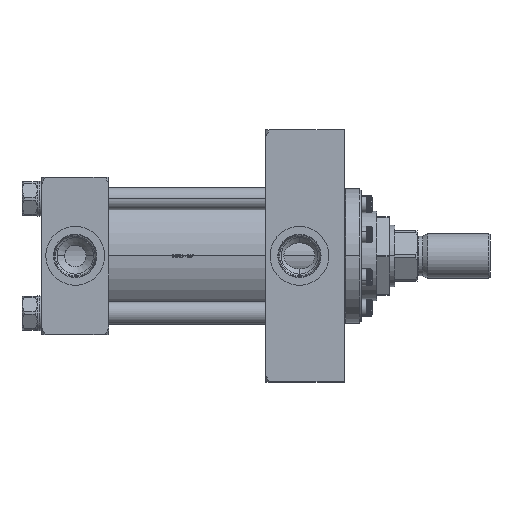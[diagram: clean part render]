
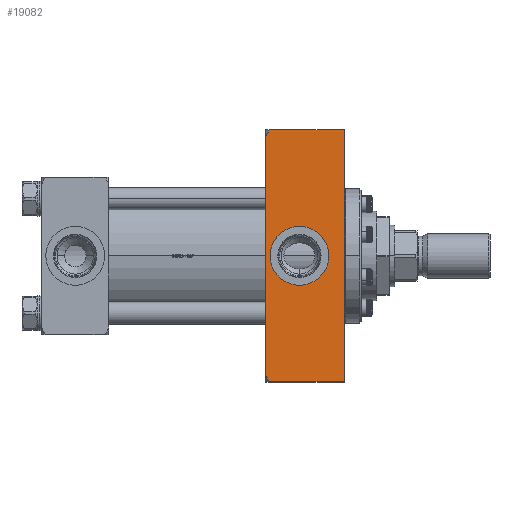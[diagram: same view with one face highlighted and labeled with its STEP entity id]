
A CAD part, top view. The second image highlights one B-rep face of the part: STEP entity #19082.
In plain terms, the highlighted planar face has unit normal (0, 0, 1).
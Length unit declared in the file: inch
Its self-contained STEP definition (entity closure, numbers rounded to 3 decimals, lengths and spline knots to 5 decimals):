
#445 = CARTESIAN_POINT ( 'NONE',  ( -3.37232, 2.64953, 1.75 ) ) ;
#916 = ORIENTED_EDGE ( 'NONE', *, *, #73126, .T. ) ;
#1237 = CARTESIAN_POINT ( 'NONE',  ( -3.30263, 2.79769, 1.75 ) ) ;
#2115 = DIRECTION ( 'NONE',  ( 0., 1., 0. ) ) ;
#2162 = CARTESIAN_POINT ( 'NONE',  ( -3.375, 2.6125, 1.75 ) ) ;
#2816 = CARTESIAN_POINT ( 'NONE',  ( -1.625, -2.8125, 1.75 ) ) ;
#4927 = DIRECTION ( 'NONE',  ( 1., 0., 0. ) ) ;
#5761 = EDGE_CURVE ( 'NONE', #46020, #40901, #76891, .T. ) ;
#6048 = CARTESIAN_POINT ( 'NONE',  ( -2.625, 0., 1.75 ) ) ;
#6245 = CARTESIAN_POINT ( 'NONE',  ( -3.375, 2.63099, 1.75 ) ) ;
#6651 = CARTESIAN_POINT ( 'NONE',  ( -3.34065, 2.73554, 1.75 ) ) ;
#7070 = CARTESIAN_POINT ( 'NONE',  ( -3.31273, 2.78261, 1.75 ) ) ;
#8889 = ORIENTED_EDGE ( 'NONE', *, *, #34979, .F. ) ;
#9832 = CIRCLE ( 'NONE', #48639, 0.65625 ) ;
#10499 = ORIENTED_EDGE ( 'NONE', *, *, #67869, .F. ) ;
#10734 = CARTESIAN_POINT ( 'NONE',  ( -3.30272, -2.79756, 1.75 ) ) ;
#12286 = CARTESIAN_POINT ( 'NONE',  ( -2.625, -0.65625, 1.75 ) ) ;
#12882 = VERTEX_POINT ( 'NONE', #46191 ) ;
#13723 = CARTESIAN_POINT ( 'NONE',  ( -3.35635, 2.7021, 1.75 ) ) ;
#13960 = AXIS2_PLACEMENT_3D ( 'NONE', #24282, #77401, #19926 ) ;
#14121 = CARTESIAN_POINT ( 'NONE',  ( -3.29216, 2.8125, 1.75 ) ) ;
#14626 = DIRECTION ( 'NONE',  ( 0., 0., -1. ) ) ;
#14851 = CARTESIAN_POINT ( 'NONE',  ( -1.625, -2.8125, 1.75 ) ) ;
#16283 = PLANE ( 'NONE',  #13960 ) ;
#16565 = CARTESIAN_POINT ( 'NONE',  ( -3.35257, -2.7101, 1.75 ) ) ;
#16816 = CIRCLE ( 'NONE', #40902, 0.65625 ) ;
#17473 = CARTESIAN_POINT ( 'NONE',  ( -3.375, 2.8125, 1.75 ) ) ;
#17834 = CARTESIAN_POINT ( 'NONE',  ( -3.375, -2.6125, 1.75 ) ) ;
#17986 = ORIENTED_EDGE ( 'NONE', *, *, #55528, .F. ) ;
#18197 = DIRECTION ( 'NONE',  ( 0., 0., -1. ) ) ;
#18324 = VERTEX_POINT ( 'NONE', #50772 ) ;
#19082 = ADVANCED_FACE ( 'NONE', ( #22622, #48553 ), #16283, .F. ) ;
#19642 = CARTESIAN_POINT ( 'NONE',  ( -3.33173, 2.75154, 1.75 ) ) ;
#19926 = DIRECTION ( 'NONE',  ( 0., 1., 0. ) ) ;
#21465 = CARTESIAN_POINT ( 'NONE',  ( -3.375, -2.6125, 1.75 ) ) ;
#21996 = VERTEX_POINT ( 'NONE', #2162 ) ;
#22622 = FACE_OUTER_BOUND ( 'NONE', #70170, .T. ) ;
#23461 = VECTOR ( 'NONE', #4927, 39.37008 ) ;
#24151 = CARTESIAN_POINT ( 'NONE',  ( -3.29216, -2.8125, 1.75 ) ) ;
#24282 = CARTESIAN_POINT ( 'NONE',  ( -3.375, -2.8125, 1.75 ) ) ;
#25554 = CARTESIAN_POINT ( 'NONE',  ( -3.375, 2.6125, 1.75 ) ) ;
#28812 = ORIENTED_EDGE ( 'NONE', *, *, #5761, .T. ) ;
#30009 = CARTESIAN_POINT ( 'NONE',  ( -3.31292, -2.78233, 1.75 ) ) ;
#31497 = VERTEX_POINT ( 'NONE', #12286 ) ;
#32839 = VECTOR ( 'NONE', #61524, 39.37008 ) ;
#32924 = CARTESIAN_POINT ( 'NONE',  ( -2.625, 0.65625, 1.75 ) ) ;
#34979 = EDGE_CURVE ( 'NONE', #46020, #38737, #45224, .T. ) ;
#38737 = VERTEX_POINT ( 'NONE', #21465 ) ;
#40901 = VERTEX_POINT ( 'NONE', #2816 ) ;
#40902 = AXIS2_PLACEMENT_3D ( 'NONE', #64581, #14626, #2115 ) ;
#42117 = DIRECTION ( 'NONE',  ( 0., 1., 0. ) ) ;
#42912 = VECTOR ( 'NONE', #42117, 39.37008 ) ;
#44976 = CARTESIAN_POINT ( 'NONE',  ( -3.375, -2.8125, 1.75 ) ) ;
#45224 = B_SPLINE_CURVE_WITH_KNOTS ( 'NONE', 3,
 ( #24151, #10734, #30009, #49266, #48832, #16565, #56807, #56385, #55133, #49683, #75303, #17834 ),
 .UNSPECIFIED., .F., .F.,
 ( 4, 2, 2, 2, 2, 4 ),
 ( 0.00627, 0.00766, 0.00905, 0.00975, 0.01044, 0.01184 ),
 .UNSPECIFIED. ) ;
#46020 = VERTEX_POINT ( 'NONE', #48206 ) ;
#46191 = CARTESIAN_POINT ( 'NONE',  ( -3.29216, 2.8125, 1.75 ) ) ;
#46696 = LINE ( 'NONE', #14851, #42912 ) ;
#47767 = VECTOR ( 'NONE', #64300, 39.37008 ) ;
#48206 = CARTESIAN_POINT ( 'NONE',  ( -3.29216, -2.8125, 1.75 ) ) ;
#48553 = FACE_BOUND ( 'NONE', #53019, .T. ) ;
#48639 = AXIS2_PLACEMENT_3D ( 'NONE', #6048, #18197, #56340 ) ;
#48832 = CARTESIAN_POINT ( 'NONE',  ( -3.34096, -2.73492, 1.75 ) ) ;
#49266 = CARTESIAN_POINT ( 'NONE',  ( -3.33208, -2.75094, 1.75 ) ) ;
#49683 = CARTESIAN_POINT ( 'NONE',  ( -3.37243, -2.64896, 1.75 ) ) ;
#50772 = CARTESIAN_POINT ( 'NONE',  ( -1.625, 2.8125, 1.75 ) ) ;
#53019 = EDGE_LOOP ( 'NONE', ( #64168, #916 ) ) ;
#54264 = ORIENTED_EDGE ( 'NONE', *, *, #64313, .T. ) ;
#55133 = CARTESIAN_POINT ( 'NONE',  ( -3.36542, -2.67573, 1.75 ) ) ;
#55528 = EDGE_CURVE ( 'NONE', #38737, #21996, #80408, .T. ) ;
#55584 = EDGE_CURVE ( 'NONE', #12882, #18324, #68649, .T. ) ;
#56340 = DIRECTION ( 'NONE',  ( 0., 1., 0. ) ) ;
#56385 = CARTESIAN_POINT ( 'NONE',  ( -3.36257, -2.68453, 1.75 ) ) ;
#56807 = CARTESIAN_POINT ( 'NONE',  ( -3.35616, -2.7017, 1.75 ) ) ;
#61522 = ORIENTED_EDGE ( 'NONE', *, *, #55584, .F. ) ;
#61524 = DIRECTION ( 'NONE',  ( 0., 1., 0. ) ) ;
#64168 = ORIENTED_EDGE ( 'NONE', *, *, #75016, .T. ) ;
#64300 = DIRECTION ( 'NONE',  ( 1., 0., 0. ) ) ;
#64313 = EDGE_CURVE ( 'NONE', #40901, #18324, #46696, .T. ) ;
#64581 = CARTESIAN_POINT ( 'NONE',  ( -2.625, 0., 1.75 ) ) ;
#66942 = B_SPLINE_CURVE_WITH_KNOTS ( 'NONE', 3,
 ( #25554, #6245, #445, #71566, #13723, #6651, #19642, #7070, #1237, #14121 ),
 .UNSPECIFIED., .F., .F.,
 ( 4, 2, 2, 2, 4 ),
 ( 0.00308, 0.00446, 0.00584, 0.00722, 0.0086 ),
 .UNSPECIFIED. ) ;
#67415 = CARTESIAN_POINT ( 'NONE',  ( -3.375, -2.8125, 1.75 ) ) ;
#67869 = EDGE_CURVE ( 'NONE', #21996, #12882, #66942, .T. ) ;
#68649 = LINE ( 'NONE', #17473, #23461 ) ;
#70170 = EDGE_LOOP ( 'NONE', ( #8889, #28812, #54264, #61522, #10499, #17986 ) ) ;
#71566 = CARTESIAN_POINT ( 'NONE',  ( -3.36296, 2.68498, 1.75 ) ) ;
#73126 = EDGE_CURVE ( 'NONE', #31497, #76330, #9832, .T. ) ;
#75016 = EDGE_CURVE ( 'NONE', #76330, #31497, #16816, .T. ) ;
#75303 = CARTESIAN_POINT ( 'NONE',  ( -3.375, -2.63088, 1.75 ) ) ;
#76330 = VERTEX_POINT ( 'NONE', #32924 ) ;
#76891 = LINE ( 'NONE', #44976, #47767 ) ;
#77401 = DIRECTION ( 'NONE',  ( 0., 0., -1. ) ) ;
#80408 = LINE ( 'NONE', #67415, #32839 ) ;

Work required
Leaving every picture out, write out exactly the lines from the beginning of the listing above to the line with "In plain terms, the", inclusive.

Exercise output
[diagram: clean part render]
[diagram: same view with one face highlighted and labeled with its STEP entity id]
A CAD part, top view. The second image highlights one B-rep face of the part: STEP entity #19082.
In plain terms, the highlighted planar face has unit normal (0, 0, 1).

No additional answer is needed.